* [EXERCISE INSTRUCTIONS]:
Please copy every line with the string "diagram" from the entries below.

##########

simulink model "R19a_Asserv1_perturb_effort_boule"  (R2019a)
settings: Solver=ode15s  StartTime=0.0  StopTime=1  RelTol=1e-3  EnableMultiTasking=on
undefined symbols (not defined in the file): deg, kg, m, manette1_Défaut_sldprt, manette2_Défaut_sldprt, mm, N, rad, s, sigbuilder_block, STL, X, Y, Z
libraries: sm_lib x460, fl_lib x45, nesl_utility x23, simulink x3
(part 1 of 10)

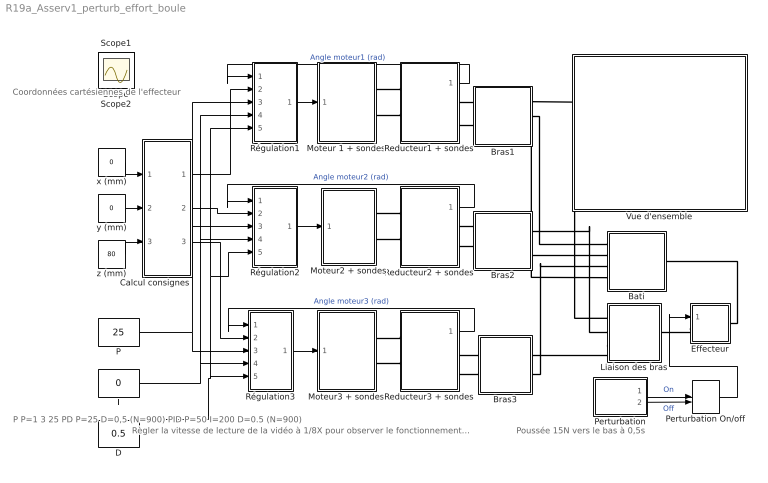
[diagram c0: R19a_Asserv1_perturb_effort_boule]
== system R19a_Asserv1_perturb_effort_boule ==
  note: P P=1 3 25 PD P=25 D=0,5 (N=900) PID P=50 I=200 D=0.5 (N=900)
  note: Coordonnées cartésiennes de l'effecteur
  note: Poussée 15N vers le bas à 0,5s
  note: Règler la vitesse de lecture de la vidéo à 1/8X pour observer le fonctionnement au ralenti
  Bati : Subsystem
  Bras1 : Subsystem
  Bras2 : Subsystem
  Bras3 : Subsystem
  Calcul consignes : Subsystem
  D : Constant  Value=0.5
  Effecteur : Subsystem
  I : Constant  Value=0
  Liaison des bras : Subsystem
  Moteur 1 + sondes : Subsystem
  Moteur2 + sondes : Subsystem
  Moteur3 + sondes : Subsystem
  P : Constant  Value=25
  Perturbation : Subsystem
  Perturbation On/off : ManualSwitch  CurrentSetting=0
  Reducteur1 + sondes : Subsystem
  Reducteur2 + sondes : Subsystem
  Reducteur3 + sondes : Subsystem
  Régulation1 : Subsystem
  Régulation2 : Subsystem
  Régulation3 : Subsystem
  Vue d'ensemble : Subsystem
  x (mm) : Constant  Value=0
  y (mm) : Constant  Value=0
  z (mm) : Constant  Value=80
  Scope : Scope
  Scope1 : Scope
  Scope2 : Scope
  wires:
  Régulation3/1(Out1) -> Moteur3 + sondes/1(In1)
  Reducteur3 + sondes/1(Angle_mot3) -> Régulation3/1(In1)  "Angle moteur3 (rad)"
  Régulation1/1(Out1) -> Moteur 1 + sondes/1(In1)
  Reducteur1 + sondes/1(Angle_mot1) -> Régulation1/1(In1)  "Angle moteur1 (rad)"
  Régulation2/1(Out1) -> Moteur2 + sondes/1(In1)
  Reducteur2 + sondes/1(Angle_mot2) -> Régulation2/1(In1)  "Angle moteur2 (rad)"
  Perturbation/1(Out1) -> Perturbation On/off/1  "On"
  Perturbation/2(Out2) -> Perturbation On/off/2  "Off"
  Perturbation On/off/1 -> Effecteur/1(In1)
  x (mm)/1 -> Calcul consignes/1(In1)
  y (mm)/1 -> Calcul consignes/2(In2)
  z (mm)/1 -> Calcul consignes/3(In3)
  Calcul consignes/1(C1) -> Régulation1/2(In2)
  Calcul consignes/2(C2) -> Régulation2/2(In2)
  Calcul consignes/3(C3) -> Régulation3/2(In2)
  P/1 -> Régulation3/3(P), Régulation1/3(P), Régulation2/3(P)
  I/1 -> Régulation1/4(I), Régulation2/4(I), Régulation3/4(I)
  D/1 -> Régulation1/5(D), Régulation2/5(D), Régulation3/5(D)
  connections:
  Moteur2 + sondes/RConn2 -- Reducteur2 + sondes/LConn2
  Moteur 1 + sondes/RConn1 -- Reducteur1 + sondes/LConn1
  Moteur3 + sondes/RConn2 -- Reducteur3 + sondes/LConn2
  Moteur2 + sondes/RConn1 -- Reducteur2 + sondes/LConn1
  Moteur3 + sondes/RConn1 -- Reducteur3 + sondes/LConn1
  Reducteur1 + sondes/LConn2 -- Moteur 1 + sondes/RConn2
  Bras1/LConn1 -- Reducteur1 + sondes/RConn1
  Reducteur1 + sondes/RConn2 -- Bras1/LConn2
  Bras2/LConn1 -- Reducteur2 + sondes/RConn1
  Bras2/LConn2 -- Reducteur2 + sondes/RConn2
  Reducteur3 + sondes/RConn1 -- Bras3/LConn1
  Reducteur3 + sondes/RConn2 -- Bras3/LConn2
  Bras1/RConn2 -- Bati/LConn1
  Bras2/RConn2 -- Bati/LConn2
  Bras3/RConn2 -- Bati/LConn3
  Liaison des bras/LConn1 -- Bras1/RConn1
  Liaison des bras/LConn2 -- Bras2/RConn1
  Effecteur/LConn1 -- Liaison des bras/RConn1
  Liaison des bras/LConn3 -- Bras3/RConn1
  Bati/RConn1 -- Effecteur/RConn1
  Bras1/RConn3 -- Bati/LConn4

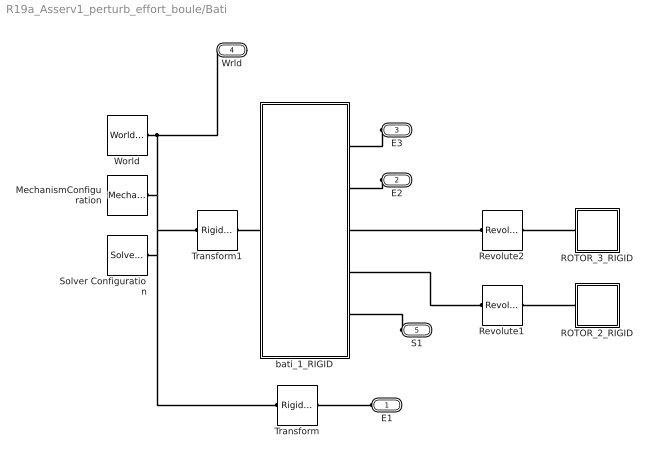
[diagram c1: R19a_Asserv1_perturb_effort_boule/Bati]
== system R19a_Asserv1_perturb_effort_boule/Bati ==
  MechanismConfiguration : sm_lib/Utilities/Mechanism Configuration  UniformGravity=Constant  GravityVector=[0 0 0]  GravityUnits=m/s^2  LinearizationDelta=0.001
  ROTOR_2_RIGID : Subsystem
  ROTOR_3_RIGID : Subsystem
  Revolute1 : sm_lib/Joints/Revolute Joint  SenseConstraintForce=off  SenseConstraintForceX=off  SenseConstraintForceY=off  SenseConstraintForceZ=off  SenseConstraintTorque=off  SenseConstraintTorqueX=off  SenseConstraintTorqueY=off  SenseConstraintTorqueZ=off  SenseTotalForce=off  SenseTotalForceX=off  SenseTotalForceY=off  SenseTotalForceZ=off  SenseTotalTorque=off  SenseTotalTorqueX=off  SenseTotalTorqueY=off  SenseTotalTorqueZ=off  CompositeWrenchDir=FollowerOnBase  CompositeWrenchFrame=BaseFrame  EquilibriumPosition=0  EquilibriumPositionUnits=rad  SpringStiffness=0  SpringStiffnessUnits=m*N/rad  DampingCoefficient=0  DampingCoefficientUnits=m*s*N/rad  TorqueActuationMode=NoTorque  MotionActuationMode=ComputedMotion  SensePosition=off  SenseVelocity=off  SenseAcceleration=off  SenseTorqueForce=off  SenseLowerLimitTorqueForce=off  SenseUpperLimitTorqueForce=off  LowerLimitSpecify=off  LowerLimitBound=-90  LowerLimitBoundUnits=deg  LowerLimitStiffness=1e4  LowerLimitStiffnessUnits=N*m/deg  LowerLimitDamping=10  LowerLimitDampingUnits=N*m/(deg/s)  LowerLimitTransitionRegionWidth=0.1  LowerLimitTransitionRegionWidthUnits=deg  UpperLimitSpecify=off  UpperLimitBound=90  UpperLimitBoundUnits=deg  UpperLimitStiffness=1e4  UpperLimitStiffnessUnits=N*m/deg  UpperLimitDamping=10  UpperLimitDampingUnits=N*m/(deg/s)  UpperLimitTransitionRegionWidth=0.1  UpperLimitTransitionRegionWidthUnits=deg  PositionTargetSpecify=on  PositionTargetPriority=Low  PositionTargetValue=-26.406351854743253  PositionTargetValueUnits=deg  VelocityTargetSpecify=off  VelocityTargetPriority=High  VelocityTargetValue=0  VelocityTargetValueUnits=deg/s
  Revolute2 : sm_lib/Joints/Revolute Joint  SenseConstraintForce=off  SenseConstraintForceX=off  SenseConstraintForceY=off  SenseConstraintForceZ=off  SenseConstraintTorque=off  SenseConstraintTorqueX=off  SenseConstraintTorqueY=off  SenseConstraintTorqueZ=off  SenseTotalForce=off  SenseTotalForceX=off  SenseTotalForceY=off  SenseTotalForceZ=off  SenseTotalTorque=off  SenseTotalTorqueX=off  SenseTotalTorqueY=off  SenseTotalTorqueZ=off  CompositeWrenchDir=FollowerOnBase  CompositeWrenchFrame=BaseFrame  EquilibriumPosition=0  EquilibriumPositionUnits=rad  SpringStiffness=0  SpringStiffnessUnits=m*N/rad  DampingCoefficient=0  DampingCoefficientUnits=m*s*N/rad  TorqueActuationMode=NoTorque  MotionActuationMode=ComputedMotion  SensePosition=off  SenseVelocity=off  SenseAcceleration=off  SenseTorqueForce=off  SenseLowerLimitTorqueForce=off  SenseUpperLimitTorqueForce=off  LowerLimitSpecify=off  LowerLimitBound=-90  LowerLimitBoundUnits=deg  LowerLimitStiffness=1e4  LowerLimitStiffnessUnits=N*m/deg  LowerLimitDamping=10  LowerLimitDampingUnits=N*m/(deg/s)  LowerLimitTransitionRegionWidth=0.1  LowerLimitTransitionRegionWidthUnits=deg  UpperLimitSpecify=off  UpperLimitBound=90  UpperLimitBoundUnits=deg  UpperLimitStiffness=1e4  UpperLimitStiffnessUnits=N*m/deg  UpperLimitDamping=10  UpperLimitDampingUnits=N*m/(deg/s)  UpperLimitTransitionRegionWidth=0.1  UpperLimitTransitionRegionWidthUnits=deg  PositionTargetSpecify=on  PositionTargetPriority=Low  PositionTargetValue=-61.713604489421797  PositionTargetValueUnits=deg  VelocityTargetSpecify=off  VelocityTargetPriority=High  VelocityTargetValue=0  VelocityTargetValueUnits=deg/s
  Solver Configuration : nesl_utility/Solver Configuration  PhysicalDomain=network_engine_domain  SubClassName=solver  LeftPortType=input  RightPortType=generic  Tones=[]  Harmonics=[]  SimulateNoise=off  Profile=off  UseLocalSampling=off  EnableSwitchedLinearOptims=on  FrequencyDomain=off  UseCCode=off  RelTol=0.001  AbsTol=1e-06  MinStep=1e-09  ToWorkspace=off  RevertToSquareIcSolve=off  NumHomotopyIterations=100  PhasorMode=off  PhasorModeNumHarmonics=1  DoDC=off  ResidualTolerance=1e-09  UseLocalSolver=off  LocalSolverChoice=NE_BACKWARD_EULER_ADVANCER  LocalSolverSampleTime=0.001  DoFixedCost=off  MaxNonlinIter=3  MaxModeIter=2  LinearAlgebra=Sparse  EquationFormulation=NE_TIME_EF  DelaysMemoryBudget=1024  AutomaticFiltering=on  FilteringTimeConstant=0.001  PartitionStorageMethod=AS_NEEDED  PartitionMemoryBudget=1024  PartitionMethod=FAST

##########

* [SOLUTION FOR THIS PROBLEM]:
[diagram c0: R19a_Asserv1_perturb_effort_boule]
[diagram c1: R19a_Asserv1_perturb_effort_boule/Bati]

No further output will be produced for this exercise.